**PROBLEM**
Your job is to return the whole listing unchanged while skipping its images.
---------------
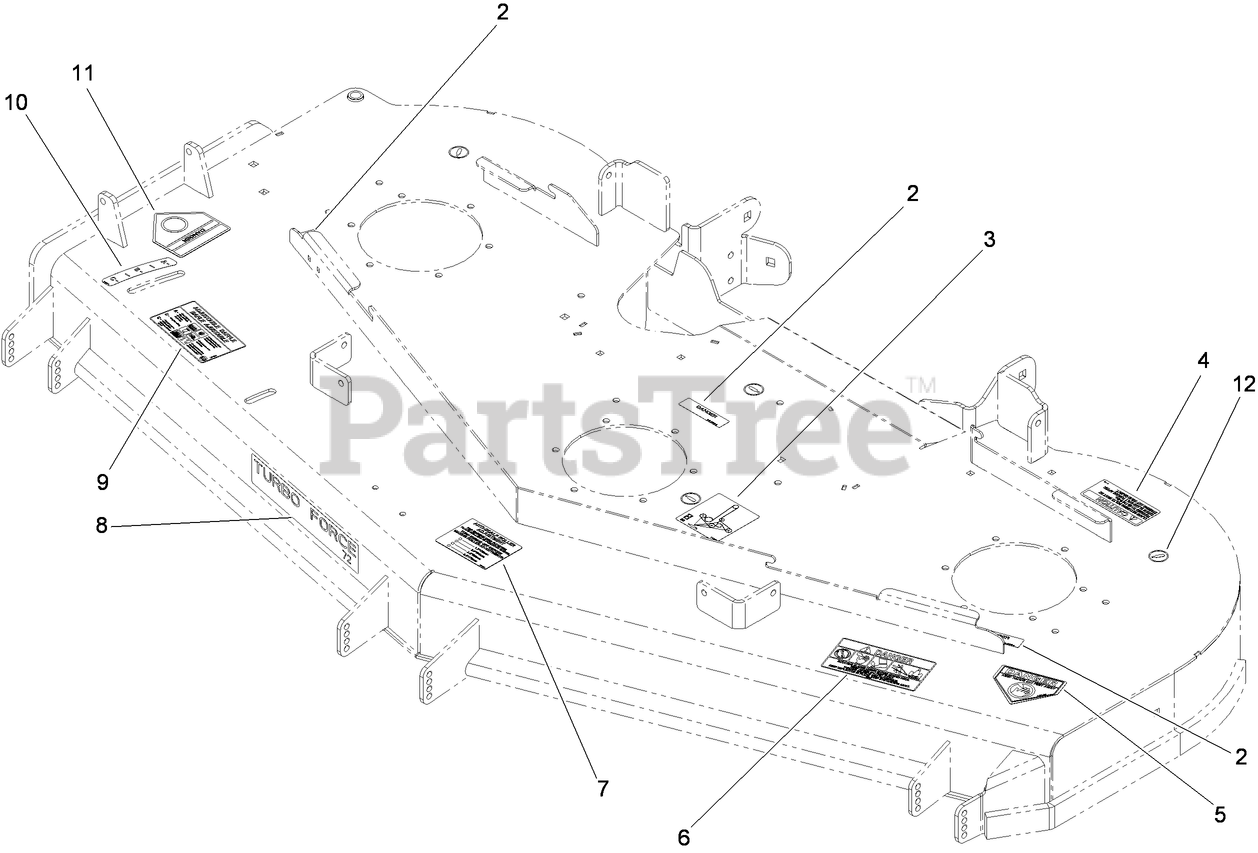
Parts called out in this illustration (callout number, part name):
2	DECAL-COVER, MISSING
3	DECAL-ROUTING, DECK BELT
4	DECAL-TORQUE
5	DECAL-DANGER
6	DECAL-DANGER, THROWN OBJECT
7	DECAL-SCALP, ANTI
9	DECAL-ADJUSTMENT, BAFFLE
10	DECAL-SETTING, BAFFLE
11	DECAL-DANGER
12	DECAL-GREASE
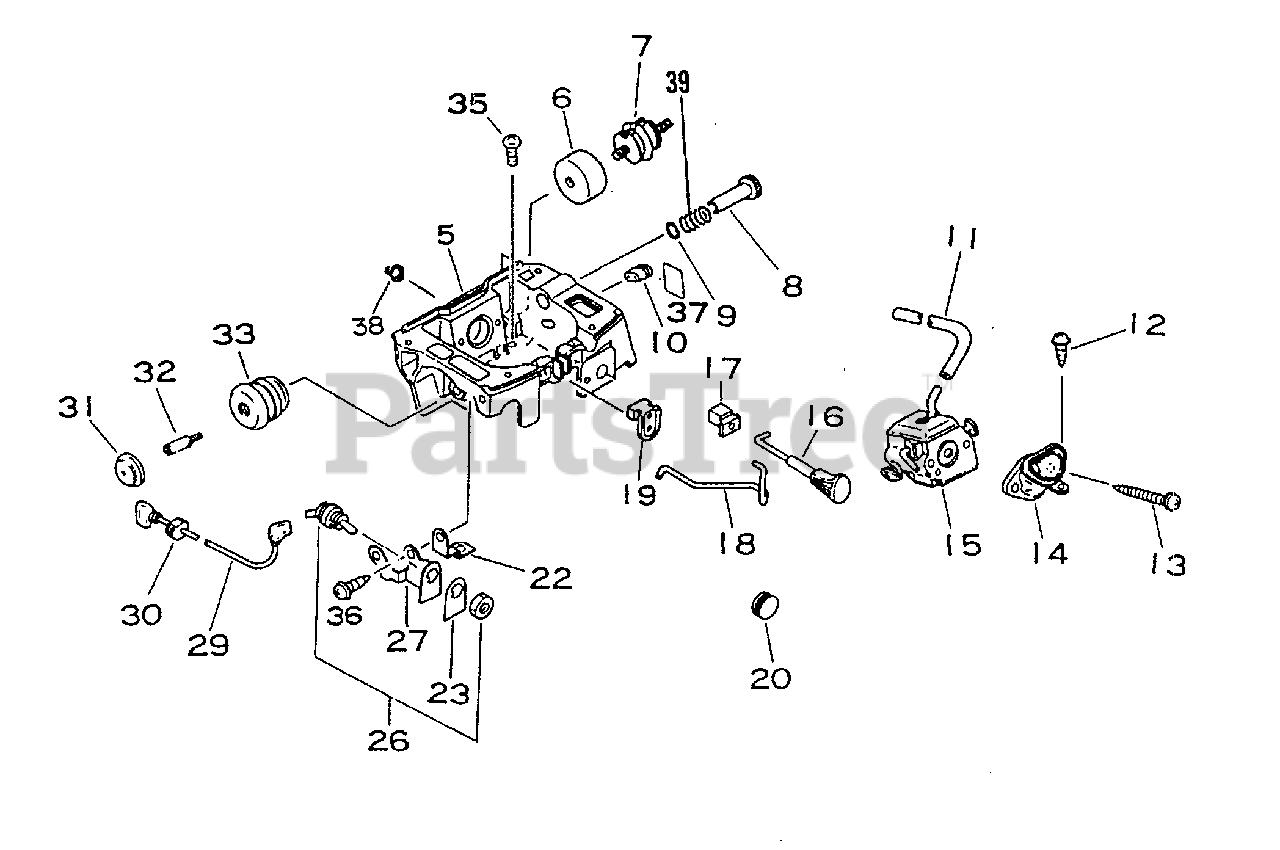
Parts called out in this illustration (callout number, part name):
5	CASE, CARBURETOR
6	PLATE, CUSHION
7	CUSHION
8	SCREW, IDLE ADJUST
9	O-RING - 6
11	PIPE - IMPULSE
12	SCREW - 5X14
13	SCREW - 5X55
14	GASKET
15	CARBURETOR
16	ROD, CHOKE
17	GROMMET
18	ROD, THROTTLE
19	GUIDE, THROTTLE ROD
22	TERMINAL - GROUND
23	LABEL - SWITCH
26	IGNITION SWITCH ASSY
27	BRACKET, SWITCH
29	LEAD - GROUND
31	CAP, CUSHION
33	CUSHION
35	SCREW - 5X20
36	SCREW - 5X10
37	LABEL - IDLE
39	SPRING, IDLE ADJUST
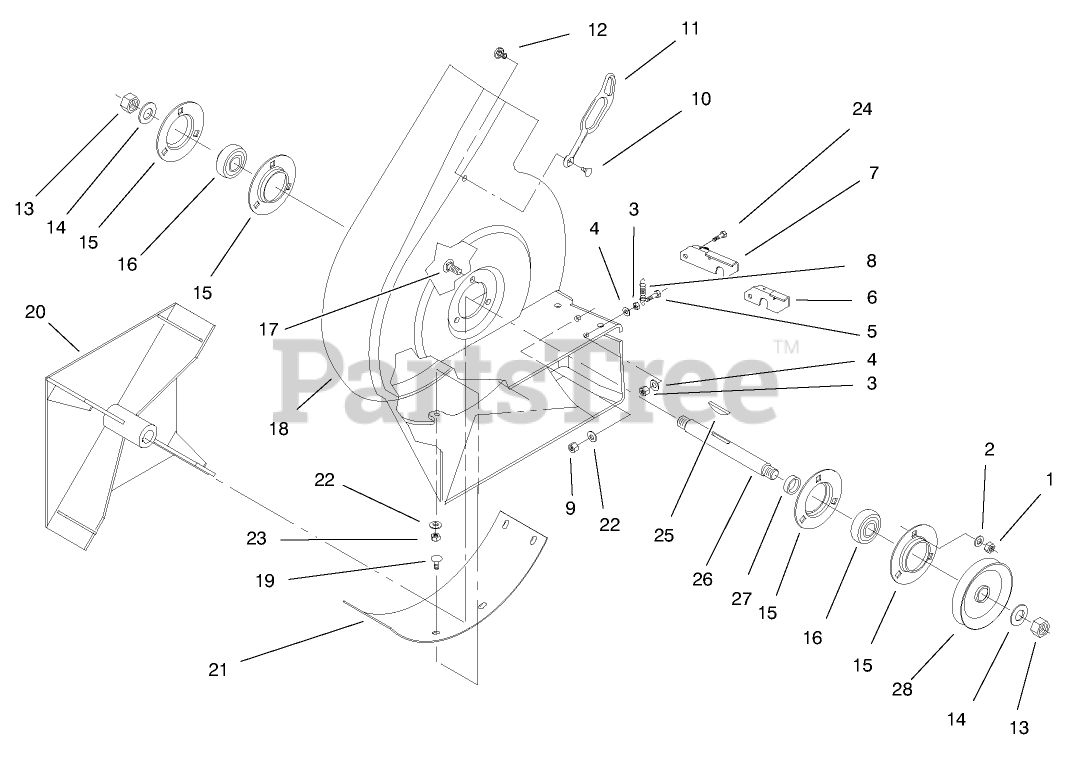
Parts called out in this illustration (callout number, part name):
---------------
**TASK SOLUTION**
Parts called out in this illustration (callout number, part name):
2	DECAL-COVER, MISSING
3	DECAL-ROUTING, DECK BELT
4	DECAL-TORQUE
5	DECAL-DANGER
6	DECAL-DANGER, THROWN OBJECT
7	DECAL-SCALP, ANTI
9	DECAL-ADJUSTMENT, BAFFLE
10	DECAL-SETTING, BAFFLE
11	DECAL-DANGER
12	DECAL-GREASE
Parts called out in this illustration (callout number, part name):
5	CASE, CARBURETOR
6	PLATE, CUSHION
7	CUSHION
8	SCREW, IDLE ADJUST
9	O-RING - 6
11	PIPE - IMPULSE
12	SCREW - 5X14
13	SCREW - 5X55
14	GASKET
15	CARBURETOR
16	ROD, CHOKE
17	GROMMET
18	ROD, THROTTLE
19	GUIDE, THROTTLE ROD
22	TERMINAL - GROUND
23	LABEL - SWITCH
26	IGNITION SWITCH ASSY
27	BRACKET, SWITCH
29	LEAD - GROUND
31	CAP, CUSHION
33	CUSHION
35	SCREW - 5X20
36	SCREW - 5X10
37	LABEL - IDLE
39	SPRING, IDLE ADJUST
Parts called out in this illustration (callout number, part name):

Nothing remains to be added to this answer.